Each constraint is a testable behavioral rule. You can write an eval that verifies it.

The Actionability Test¶

When writing a step or constraint, apply this test: can you write a failing eval for it?

If the answer is no — if you can't describe what "wrong" looks like in concrete terms — the instruction is too vague to be reliable.

For example:

"Be helpful" — fails the test. You can't write an eval for "helpful."
"Always call check_availability before calling create_reservation" — passes the test. You can write an eval that checks tool call order.
"Offer alternatives if the requested time is unavailable" — passes the test. You can write an eval that mocks an unavailability response and checks that the agent calls get_alternative_slots.

Run the Actionability Test on every instruction you write. If it fails, rewrite the instruction until it passes.

Key rules¶

Persona is global, role is unique. If you're running multiple agents in a multi-agent setup, the <persona> tag defines shared communication style and can be the same across all agents. The <role> tag must be unique to each agent — it defines what that specific agent does and doesn't do.

Examples are few-shot demonstrations, not documentation. The <examples> block teaches the model by showing it correct input/output pairs. Keep examples short (2–4 exchanges) and focused on the patterns you most want to reinforce — typically the patterns that are most likely to go wrong without guidance.

Order matters in taskflows. The model treats steps in a <subtask> as an ordered sequence. If you want the model to always ask for date before party size, put date first.
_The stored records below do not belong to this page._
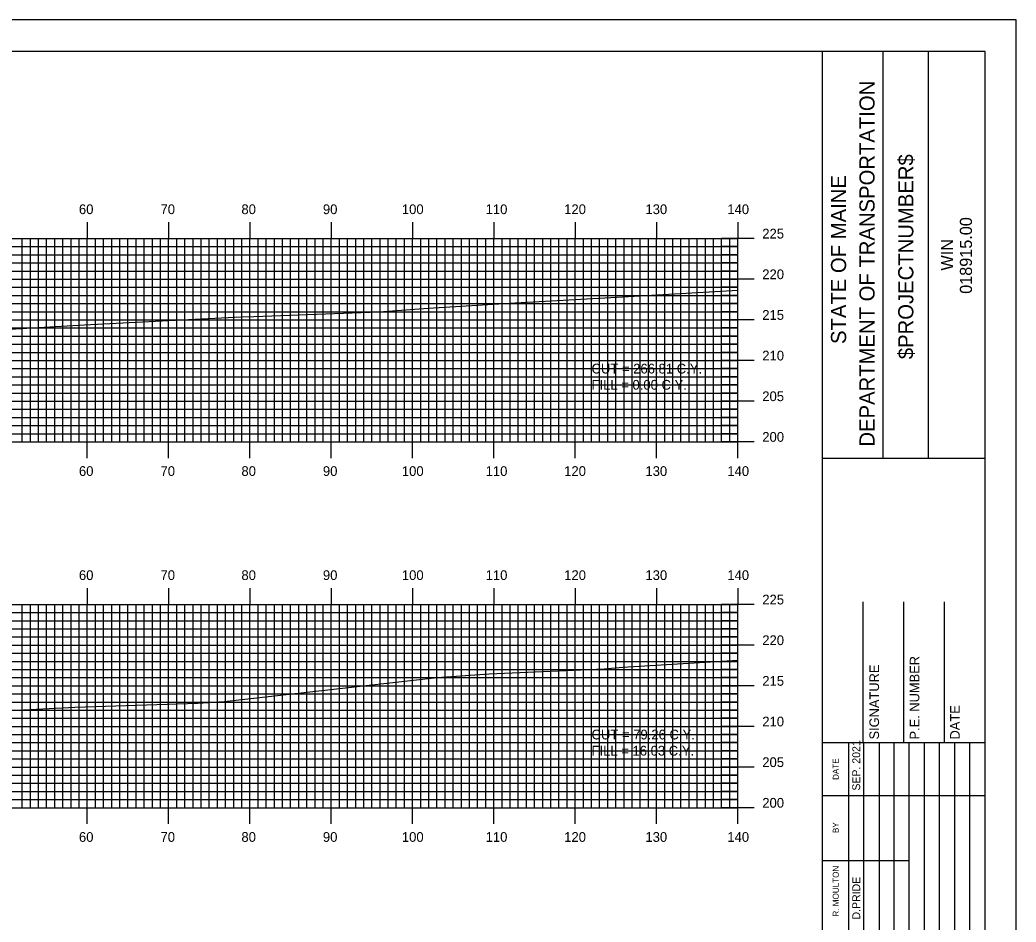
# Model space of a CAD drawing. Extents: x 853316 to 853659, y 364785 to 365005.
# Drawn here: x 853533.5 to 853656, y 364894.2 to 365005.1 of the extents above; entities that cross this region are included whole.
import ezdxf

# ---------------------------------------------------------------- set-up
doc = ezdxf.new("R2010")
doc.units = 0
for name, color, linetype in [('BORDER', 7, 'Continuous'), ('D_Text_Standard', 7, 'Continuous'), ('H_V ANNOTATION', 7, 'Continuous'), ('MAJOR', 7, 'Continuous'), ('MINOR', 7, 'Continuous'), ('PLOT BOUNDARY', 7, 'Continuous'), ('S_Roadway_Centerline', 7, 'Continuous')]:
    doc.layers.add(name, color=color, linetype=linetype)

msp = doc.modelspace()

# ---------------------------------------------------------------- linework, layer by layer
at = {"layer": 'BORDER'}
for p, q in [((853632.16, 364791.23), (853632.16, 365001.23)), ((853639.61, 364951.23), (853639.61, 365001.23)), ((853645.2, 364951.23), (853645.2, 365001.23)), ((853632.16, 364951.22), (853652.16, 364951.22)), ((853637.16, 364916.24), (853637.16, 364933.53)), ((853642.16, 364916.24), (853642.16, 364933.53)), ((853647.16, 364916.24), (853647.16, 364933.53)), ((853632.16, 364916.24), (853652.16, 364916.24))]:
    msp.add_line(p, q, dxfattribs=at)
msp.add_lwpolyline([(853332.16, 364791.23), (853652.16, 364791.23), (853652.16, 365001.23), (853332.16, 365001.23)], close=True, dxfattribs=at)
for points in [[(853635.39, 364909.74), (853635.39, 364916.24)], [(853637.25, 364881.24), (853637.25, 364916.24)], [(853639.12, 364916.24), (853639.12, 364881.24)], [(853640.98, 364881.24), (853640.98, 364916.24)], [(853642.84, 364881.24), (853642.84, 364916.24)], [(853644.71, 364881.24), (853644.71, 364916.24)], [(853646.57, 364881.24), (853646.57, 364916.24)], [(853648.43, 364881.24), (853648.43, 364916.24)], [(853650.3, 364881.24), (853650.3, 364916.24)], [(853635.39, 364881.24), (853635.39, 364914.83)], [(853632.16, 364909.74), (853652.16, 364909.74)], [(853632.16, 364901.74), (853635.39, 364901.74)], [(853635.39, 364901.74), (853642.84, 364901.74)]]:
    msp.add_lwpolyline(points, dxfattribs=at)
at = {"layer": 'MAJOR'}
for p, q in [((853541.76, 364980.24), (853541.76, 364978.23)), ((853551.76, 364980.24), (853551.76, 364978.23)), ((853561.76, 364980.24), (853561.76, 364978.23)), ((853571.76, 364980.24), (853571.76, 364978.23)), ((853581.76, 364980.24), (853581.76, 364978.23)), ((853591.76, 364980.24), (853591.76, 364978.23)), ((853601.76, 364980.24), (853601.76, 364978.23)), ((853611.76, 364980.24), (853611.76, 364978.23)), ((853621.76, 364980.24), (853621.76, 364978.23)), ((853341.76, 364978.23), (853621.76, 364978.23)), ((853341.76, 364978.23), (853621.76, 364978.23)), ((853541.76, 364953.23), (853541.76, 364978.23)), ((853551.76, 364953.23), (853551.76, 364978.23)), ((853561.76, 364953.23), (853561.76, 364978.23)), ((853571.76, 364953.23), (853571.76, 364978.23)), ((853581.76, 364953.23), (853581.76, 364978.23)), ((853591.76, 364953.23), (853591.76, 364978.23)), ((853601.76, 364953.23), (853601.76, 364978.23)), ((853611.76, 364953.23), (853611.76, 364978.23)), ((853623.76, 364978.23), (853619.75, 364978.23)), ((853621.76, 364953.23), (853621.76, 364978.23)), ((853621.76, 364953.23), (853621.76, 364978.23)), ((853341.76, 364973.23), (853621.76, 364973.23)), ((853623.76, 364973.23), (853619.75, 364973.23)), ((853341.76, 364968.23), (853621.76, 364968.23)), ((853623.76, 364968.23), (853619.75, 364968.23)), ((853341.76, 364963.23), (853621.76, 364963.23)), ((853623.76, 364963.23), (853619.75, 364963.23)), ((853341.76, 364958.23), (853621.76, 364958.23)), ((853623.76, 364958.23), (853619.75, 364958.23)), ((853341.76, 364953.23), (853621.76, 364953.23)), ((853341.76, 364953.23), (853621.76, 364953.23)), ((853541.76, 364951.23), (853541.76, 364953.23)), ((853551.76, 364951.23), (853551.76, 364953.23)), ((853561.76, 364951.23), (853561.76, 364953.23)), ((853571.76, 364951.23), (853571.76, 364953.23)), ((853581.76, 364951.23), (853581.76, 364953.23)), ((853591.76, 364951.23), (853591.76, 364953.23)), ((853601.76, 364951.23), (853601.76, 364953.23)), ((853611.76, 364951.23), (853611.76, 364953.23)), ((853623.76, 364953.23), (853619.75, 364953.23)), ((853621.76, 364951.23), (853621.76, 364953.23)), ((853541.76, 364935.24), (853541.76, 364933.23)), ((853551.76, 364935.24), (853551.76, 364933.23)), ((853561.76, 364935.24), (853561.76, 364933.23)), ((853571.76, 364935.24), (853571.76, 364933.23)), ((853581.76, 364935.24), (853581.76, 364933.23)), ((853591.76, 364935.24), (853591.76, 364933.23)), ((853601.76, 364935.24), (853601.76, 364933.23)), ((853611.76, 364935.24), (853611.76, 364933.23)), ((853621.76, 364935.24), (853621.76, 364933.23)), ((853341.76, 364933.23), (853621.76, 364933.23)), ((853341.76, 364933.23), (853621.76, 364933.23)), ((853541.76, 364908.23), (853541.76, 364933.23)), ((853551.76, 364908.23), (853551.76, 364933.23)), ((853561.76, 364908.23), (853561.76, 364933.23)), ((853571.76, 364908.23), (853571.76, 364933.23)), ((853581.76, 364908.23), (853581.76, 364933.23)), ((853591.76, 364908.23), (853591.76, 364933.23)), ((853601.76, 364908.23), (853601.76, 364933.23)), ((853611.76, 364908.23), (853611.76, 364933.23)), ((853623.76, 364933.23), (853619.75, 364933.23)), ((853621.76, 364908.23), (853621.76, 364933.23)), ((853621.76, 364908.23), (853621.76, 364933.23)), ((853341.76, 364928.23), (853621.76, 364928.23)), ((853623.76, 364928.23), (853619.75, 364928.23)), ((853341.76, 364923.23), (853621.76, 364923.23)), ((853623.76, 364923.23), (853619.75, 364923.23)), ((853341.76, 364918.23), (853621.76, 364918.23)), ((853623.76, 364918.23), (853619.75, 364918.23)), ((853341.76, 364913.23), (853621.76, 364913.23)), ((853623.76, 364913.23), (853619.75, 364913.23)), ((853341.76, 364908.23), (853621.76, 364908.23)), ((853341.76, 364908.23), (853621.76, 364908.23)), ((853541.76, 364906.23), (853541.76, 364908.23)), ((853551.76, 364906.23), (853551.76, 364908.23)), ((853561.76, 364906.23), (853561.76, 364908.23)), ((853571.76, 364906.23), (853571.76, 364908.23)), ((853581.76, 364906.23), (853581.76, 364908.23)), ((853591.76, 364906.23), (853591.76, 364908.23)), ((853601.76, 364906.23), (853601.76, 364908.23)), ((853611.76, 364906.23), (853611.76, 364908.23)), ((853623.76, 364908.23), (853619.75, 364908.23)), ((853621.76, 364906.23), (853621.76, 364908.23))]:
    msp.add_line(p, q, dxfattribs=at)
at = {"layer": 'MINOR'}
for p, q in [((853533.76, 364953.23), (853533.76, 364978.23)), ((853534.76, 364953.23), (853534.76, 364978.23)), ((853535.76, 364953.23), (853535.76, 364978.23)), ((853536.76, 364953.23), (853536.76, 364978.23)), ((853537.76, 364953.23), (853537.76, 364978.23)), ((853538.76, 364953.23), (853538.76, 364978.23)), ((853539.76, 364953.23), (853539.76, 364978.23)), ((853540.76, 364953.23), (853540.76, 364978.23)), ((853542.76, 364953.23), (853542.76, 364978.23)), ((853543.76, 364953.23), (853543.76, 364978.23)), ((853544.76, 364953.23), (853544.76, 364978.23)), ((853545.76, 364953.23), (853545.76, 364978.23)), ((853546.76, 364953.23), (853546.76, 364978.23)), ((853547.76, 364953.23), (853547.76, 364978.23)), ((853548.76, 364953.23), (853548.76, 364978.23)), ((853549.76, 364953.23), (853549.76, 364978.23)), ((853550.76, 364953.23), (853550.76, 364978.23)), ((853552.76, 364953.23), (853552.76, 364978.23)), ((853553.76, 364953.23), (853553.76, 364978.23)), ((853554.76, 364953.23), (853554.76, 364978.23)), ((853555.76, 364953.23), (853555.76, 364978.23)), ((853556.76, 364953.23), (853556.76, 364978.23)), ((853557.76, 364953.23), (853557.76, 364978.23)), ((853558.76, 364953.23), (853558.76, 364978.23)), ((853559.76, 364953.23), (853559.76, 364978.23)), ((853560.76, 364953.23), (853560.76, 364978.23)), ((853562.76, 364953.23), (853562.76, 364978.23)), ((853563.76, 364953.23), (853563.76, 364978.23)), ((853564.76, 364953.23), (853564.76, 364978.23)), ((853565.76, 364953.23), (853565.76, 364978.23)), ((853566.76, 364953.23), (853566.76, 364978.23)), ((853567.76, 364953.23), (853567.76, 364978.23)), ((853568.76, 364953.23), (853568.76, 364978.23)), ((853569.76, 364953.23), (853569.76, 364978.23)), ((853570.76, 364953.23), (853570.76, 364978.23)), ((853572.76, 364953.23), (853572.76, 364978.23)), ((853573.76, 364953.23), (853573.76, 364978.23)), ((853574.76, 364953.23), (853574.76, 364978.23)), ((853575.76, 364953.23), (853575.76, 364978.23)), ((853576.76, 364953.23), (853576.76, 364978.23)), ((853577.76, 364953.23), (853577.76, 364978.23)), ((853578.76, 364953.23), (853578.76, 364978.23)), ((853579.76, 364953.23), (853579.76, 364978.23)), ((853580.76, 364953.23), (853580.76, 364978.23)), ((853582.76, 364953.23), (853582.76, 364978.23)), ((853583.76, 364953.23), (853583.76, 364978.23)), ((853584.76, 364953.23), (853584.76, 364978.23)), ((853585.76, 364953.23), (853585.76, 364978.23)), ((853586.76, 364953.23), (853586.76, 364978.23)), ((853587.76, 364953.23), (853587.76, 364978.23)), ((853588.76, 364953.23), (853588.76, 364978.23)), ((853589.76, 364953.23), (853589.76, 364978.23)), ((853590.76, 364953.23), (853590.76, 364978.23)), ((853592.76, 364953.23), (853592.76, 364978.23)), ((853593.76, 364953.23), (853593.76, 364978.23)), ((853594.76, 364953.23), (853594.76, 364978.23)), ((853595.76, 364953.23), (853595.76, 364978.23)), ((853596.76, 364953.23), (853596.76, 364978.23)), ((853597.76, 364953.23), (853597.76, 364978.23)), ((853598.76, 364953.23), (853598.76, 364978.23)), ((853599.76, 364953.23), (853599.76, 364978.23)), ((853600.76, 364953.23), (853600.76, 364978.23)), ((853602.76, 364953.23), (853602.76, 364978.23)), ((853603.76, 364953.23), (853603.76, 364978.23)), ((853604.76, 364953.23), (853604.76, 364978.23)), ((853605.76, 364953.23), (853605.76, 364978.23)), ((853606.76, 364953.23), (853606.76, 364978.23)), ((853607.76, 364953.23), (853607.76, 364978.23)), ((853608.76, 364953.23), (853608.76, 364978.23)), ((853609.76, 364953.23), (853609.76, 364978.23)), ((853610.76, 364953.23), (853610.76, 364978.23)), ((853612.76, 364953.23), (853612.76, 364978.23)), ((853613.76, 364953.23), (853613.76, 364978.23)), ((853614.76, 364953.23), (853614.76, 364978.23)), ((853615.76, 364953.23), (853615.76, 364978.23)), ((853616.76, 364953.23), (853616.76, 364978.23)), ((853617.76, 364953.23), (853617.76, 364978.23)), ((853618.76, 364953.23), (853618.76, 364978.23)), ((853619.76, 364953.23), (853619.76, 364978.23)), ((853620.76, 364953.23), (853620.76, 364978.23)), ((853341.76, 364977.23), (853621.76, 364977.23)), ((853621.76, 364977.23), (853619.75, 364977.23)), ((853341.76, 364976.23), (853621.76, 364976.23)), ((853621.76, 364976.23), (853619.75, 364976.23)), ((853341.76, 364975.23), (853621.76, 364975.23)), ((853621.76, 364975.23), (853619.75, 364975.23)), ((853341.76, 364974.23), (853621.76, 364974.23)), ((853621.76, 364974.23), (853619.75, 364974.23)), ((853341.76, 364972.23), (853621.76, 364972.23)), ((853621.76, 364972.23), (853619.75, 364972.23)), ((853341.76, 364971.23), (853621.76, 364971.23)), ((853621.76, 364971.23), (853619.75, 364971.23)), ((853341.76, 364970.23), (853621.76, 364970.23)), ((853621.76, 364970.23), (853619.75, 364970.23)), ((853341.76, 364969.23), (853621.76, 364969.23)), ((853621.76, 364969.23), (853619.75, 364969.23)), ((853341.76, 364967.23), (853621.76, 364967.23)), ((853621.76, 364967.23), (853619.75, 364967.23)), ((853341.76, 364966.23), (853621.76, 364966.23)), ((853621.76, 364966.23), (853619.75, 364966.23)), ((853341.76, 364965.23), (853621.76, 364965.23)), ((853621.76, 364965.23), (853619.75, 364965.23)), ((853341.76, 364964.23), (853621.76, 364964.23)), ((853621.76, 364964.23), (853619.75, 364964.23)), ((853341.76, 364962.23), (853621.76, 364962.23)), ((853621.76, 364962.23), (853619.75, 364962.23)), ((853341.76, 364961.23), (853621.76, 364961.23)), ((853621.76, 364961.23), (853619.75, 364961.23)), ((853341.76, 364960.23), (853621.76, 364960.23)), ((853621.76, 364960.23), (853619.75, 364960.23)), ((853341.76, 364959.23), (853621.76, 364959.23)), ((853621.76, 364959.23), (853619.75, 364959.23)), ((853341.76, 364957.23), (853621.76, 364957.23)), ((853341.76, 364956.23), (853621.76, 364956.23)), ((853621.76, 364957.23), (853619.75, 364957.23)), ((853621.76, 364956.23), (853619.75, 364956.23)), ((853341.76, 364955.23), (853621.76, 364955.23)), ((853621.76, 364955.23), (853619.75, 364955.23)), ((853341.76, 364954.23), (853621.76, 364954.23)), ((853621.76, 364954.23), (853619.75, 364954.23)), ((853533.76, 364908.23), (853533.76, 364933.23)), ((853534.76, 364908.23), (853534.76, 364933.23)), ((853535.76, 364908.23), (853535.76, 364933.23)), ((853536.76, 364908.23), (853536.76, 364933.23)), ((853537.76, 364908.23), (853537.76, 364933.23)), ((853538.76, 364908.23), (853538.76, 364933.23)), ((853539.76, 364908.23), (853539.76, 364933.23)), ((853540.76, 364908.23), (853540.76, 364933.23)), ((853542.76, 364908.23), (853542.76, 364933.23)), ((853543.76, 364908.23), (853543.76, 364933.23)), ((853544.76, 364908.23), (853544.76, 364933.23)), ((853545.76, 364908.23), (853545.76, 364933.23)), ((853546.76, 364908.23), (853546.76, 364933.23)), ((853547.76, 364908.23), (853547.76, 364933.23)), ((853548.76, 364908.23), (853548.76, 364933.23)), ((853549.76, 364908.23), (853549.76, 364933.23)), ((853550.76, 364908.23), (853550.76, 364933.23)), ((853552.76, 364908.23), (853552.76, 364933.23)), ((853553.76, 364908.23), (853553.76, 364933.23)), ((853554.76, 364908.23), (853554.76, 364933.23)), ((853555.76, 364908.23), (853555.76, 364933.23)), ((853556.76, 364908.23), (853556.76, 364933.23)), ((853557.76, 364908.23), (853557.76, 364933.23)), ((853558.76, 364908.23), (853558.76, 364933.23)), ((853559.76, 364908.23), (853559.76, 364933.23)), ((853560.76, 364908.23), (853560.76, 364933.23)), ((853562.76, 364908.23), (853562.76, 364933.23)), ((853563.76, 364908.23), (853563.76, 364933.23)), ((853564.76, 364908.23), (853564.76, 364933.23)), ((853565.76, 364908.23), (853565.76, 364933.23)), ((853566.76, 364908.23), (853566.76, 364933.23)), ((853567.76, 364908.23), (853567.76, 364933.23)), ((853568.76, 364908.23), (853568.76, 364933.23)), ((853569.76, 364908.23), (853569.76, 364933.23)), ((853570.76, 364908.23), (853570.76, 364933.23)), ((853572.76, 364908.23), (853572.76, 364933.23)), ((853573.76, 364908.23), (853573.76, 364933.23)), ((853574.76, 364908.23), (853574.76, 364933.23)), ((853575.76, 364908.23), (853575.76, 364933.23)), ((853576.76, 364908.23), (853576.76, 364933.23)), ((853577.76, 364908.23), (853577.76, 364933.23)), ((853578.76, 364908.23), (853578.76, 364933.23)), ((853579.76, 364908.23), (853579.76, 364933.23)), ((853580.76, 364908.23), (853580.76, 364933.23)), ((853582.76, 364908.23), (853582.76, 364933.23)), ((853583.76, 364908.23), (853583.76, 364933.23)), ((853584.76, 364908.23), (853584.76, 364933.23)), ((853585.76, 364908.23), (853585.76, 364933.23)), ((853586.76, 364908.23), (853586.76, 364933.23)), ((853587.76, 364908.23), (853587.76, 364933.23)), ((853588.76, 364908.23), (853588.76, 364933.23)), ((853589.76, 364908.23), (853589.76, 364933.23)), ((853590.76, 364908.23), (853590.76, 364933.23)), ((853592.76, 364908.23), (853592.76, 364933.23)), ((853593.76, 364908.23), (853593.76, 364933.23)), ((853594.76, 364908.23), (853594.76, 364933.23)), ((853595.76, 364908.23), (853595.76, 364933.23)), ((853596.76, 364908.23), (853596.76, 364933.23)), ((853597.76, 364908.23), (853597.76, 364933.23)), ((853598.76, 364908.23), (853598.76, 364933.23)), ((853599.76, 364908.23), (853599.76, 364933.23)), ((853600.76, 364908.23), (853600.76, 364933.23)), ((853602.76, 364908.23), (853602.76, 364933.23)), ((853603.76, 364908.23), (853603.76, 364933.23)), ((853604.76, 364908.23), (853604.76, 364933.23)), ((853605.76, 364908.23), (853605.76, 364933.23)), ((853606.76, 364908.23), (853606.76, 364933.23)), ((853607.76, 364908.23), (853607.76, 364933.23)), ((853608.76, 364908.23), (853608.76, 364933.23)), ((853609.76, 364908.23), (853609.76, 364933.23)), ((853610.76, 364908.23), (853610.76, 364933.23)), ((853612.76, 364908.23), (853612.76, 364933.23)), ((853613.76, 364908.23), (853613.76, 364933.23)), ((853614.76, 364908.23), (853614.76, 364933.23)), ((853615.76, 364908.23), (853615.76, 364933.23)), ((853616.76, 364908.23), (853616.76, 364933.23)), ((853617.76, 364908.23), (853617.76, 364933.23)), ((853618.76, 364908.23), (853618.76, 364933.23)), ((853619.76, 364908.23), (853619.76, 364933.23)), ((853620.76, 364908.23), (853620.76, 364933.23)), ((853341.76, 364932.23), (853621.76, 364932.23)), ((853621.76, 364932.23), (853619.75, 364932.23)), ((853341.76, 364931.23), (853621.76, 364931.23)), ((853621.76, 364931.23), (853619.75, 364931.23)), ((853341.76, 364930.23), (853621.76, 364930.23)), ((853341.76, 364929.23), (853621.76, 364929.23)), ((853621.76, 364930.23), (853619.75, 364930.23)), ((853621.76, 364929.23), (853619.75, 364929.23)), ((853341.76, 364927.23), (853621.76, 364927.23)), ((853621.76, 364927.23), (853619.75, 364927.23)), ((853341.76, 364926.23), (853621.76, 364926.23)), ((853621.76, 364926.23), (853619.75, 364926.23)), ((853341.76, 364925.23), (853621.76, 364925.23)), ((853621.76, 364925.23), (853619.75, 364925.23)), ((853341.76, 364924.23), (853621.76, 364924.23)), ((853621.76, 364924.23), (853619.75, 364924.23)), ((853341.76, 364922.23), (853621.76, 364922.23)), ((853621.76, 364922.23), (853619.75, 364922.23)), ((853341.76, 364921.23), (853621.76, 364921.23)), ((853621.76, 364921.23), (853619.75, 364921.23)), ((853341.76, 364920.23), (853621.76, 364920.23)), ((853621.76, 364920.23), (853619.75, 364920.23)), ((853341.76, 364919.23), (853621.76, 364919.23)), ((853621.76, 364919.23), (853619.75, 364919.23)), ((853341.76, 364917.23), (853621.76, 364917.23)), ((853621.76, 364917.23), (853619.75, 364917.23)), ((853341.76, 364916.23), (853621.76, 364916.23)), ((853621.76, 364916.23), (853619.75, 364916.23)), ((853341.76, 364915.23), (853621.76, 364915.23)), ((853621.76, 364915.23), (853619.75, 364915.23)), ((853341.76, 364914.23), (853621.76, 364914.23)), ((853621.76, 364914.23), (853619.75, 364914.23)), ((853341.76, 364912.23), (853621.76, 364912.23)), ((853621.76, 364912.23), (853619.75, 364912.23)), ((853341.76, 364911.23), (853621.76, 364911.23)), ((853621.76, 364911.23), (853619.75, 364911.23)), ((853341.76, 364910.23), (853621.76, 364910.23)), ((853621.76, 364910.23), (853619.75, 364910.23)), ((853341.76, 364909.23), (853621.76, 364909.23)), ((853621.76, 364909.23), (853619.75, 364909.23))]:
    msp.add_line(p, q, dxfattribs=at)
at = {"layer": 'PLOT BOUNDARY'}
msp.add_lwpolyline([(853315.97, 364785.11), (853655.97, 364785.11), (853655.97, 365005.11), (853315.97, 365005.11)], close=True, dxfattribs=at)
at = {"layer": 'S_Roadway_Centerline'}
for points in [[(853341.76, 364960.71), (853345.93, 364960.83), (853353.35, 364961.01), (853361.55, 364961.33), (853402.27, 364962.38), (853412.31, 364962.57), (853439.83, 364963.53), (853463.65, 364964.4), (853479.24, 364964.85), (853485.19, 364965.12), (853498.57, 364965.58), (853509.74, 364965.76), (853537.83, 364967.42), (853541.41, 364967.63), (853545.3, 364967.83), (853560.67, 364968.6), (853562.25, 364968.66), (853577.65, 364969.22), (853583.69, 364969.65), (853594.37, 364970.31), (853607.63, 364971.07), (853621.76, 364971.89)], [(853341.76, 364914.32), (853347.1, 364914.42), (853353.88, 364914.55), (853369.34, 364915.29), (853370.22, 364915.33), (853385.95, 364915.91), (853387.75, 364916), (853390.71, 364916.13), (853393.68, 364916.23), (853430.05, 364916.84), (853444.48, 364917.05), (853452.3, 364917.5), (853506.17, 364918.85), (853506.72, 364918.86), (853507.22, 364918.88), (853507.88, 364918.91), (853540.24, 364920.6), (853555.34, 364921.1), (853558.6, 364921.29), (853584.78, 364924.26), (853591.18, 364924.71), (853605.32, 364925.33), (853607.63, 364925.51), (853621.76, 364926.36)]]:
    msp.add_lwpolyline(points, dxfattribs=at)

# ---------------------------------------------------------------- texts
at = {"layer": 'BORDER'}
for s, height, p in [('DEPARTMENT OF TRANSPORTATION', 1.8635, (853638.57, 364952.64)), ('$PROJECTNUMBER$', 1.8635, (853643.34, 364963.39)), ('STATE OF MAINE', 1.8635, (853635.07, 364965.26)), ('018915.00', 1.491, (853650.55, 364971.43)), ('WIN', 1.491, (853648.23, 364974.29)), ('P.E. NUMBER', 1.1811, (853644.08, 364916.62)), ('SIGNATURE', 1.181, (853639.12, 364916.62)), ('DATE', 1.181, (853649.04, 364916.62)), ('SEP. 2021', 0.969, (853636.8, 364910.33)), ('DATE', 0.743, (853634.17, 364911.65)), ('BY', 0.743, (853634.17, 364905.11)), ('R. MOULTON', 0.745, (853634.17, 364894.84)), ('D.PRIDE', 0.969, (853636.8, 364894.48))]:
    msp.add_text(s, height=height, rotation=90, dxfattribs=at).set_placement(p)
at = {"layer": 'D_Text_Standard'}
for s, p in [('CUT = 266.81 C.Y.', (853603.76, 364961.63)), ('FILL = 0.00 C.Y.', (853603.76, 364959.64)), ('CUT = 79.26 C.Y.', (853603.76, 364916.63)), ('FILL = 16.03 C.Y.', (853603.76, 364914.64))]:
    msp.add_text(s, height=1.2, dxfattribs=at).set_placement(p)
at = {"layer": 'H_V ANNOTATION'}
for s, p in [('60', (853540.73, 364981.23)), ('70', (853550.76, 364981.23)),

If the order doesn't matter, say so explicitly: "Collect the following in any order."

Don't bury constraints in prose. If a constraint is important, put it in the <constraints> block. Constraints buried inside <taskflow> prose are more likely to be overlooked by the model.

Instruction length and reliability

Every token in your instructions is a token the model must attend to. As instructions grow, the model's ability to follow all of them simultaneously decreases. If your instructions exceed roughly 2,000 tokens, consider splitting functionality across multiple agents or using dynamic prompting via callbacks to inject only the relevant context for a given turn. See Callbacks for dynamic prompting patterns.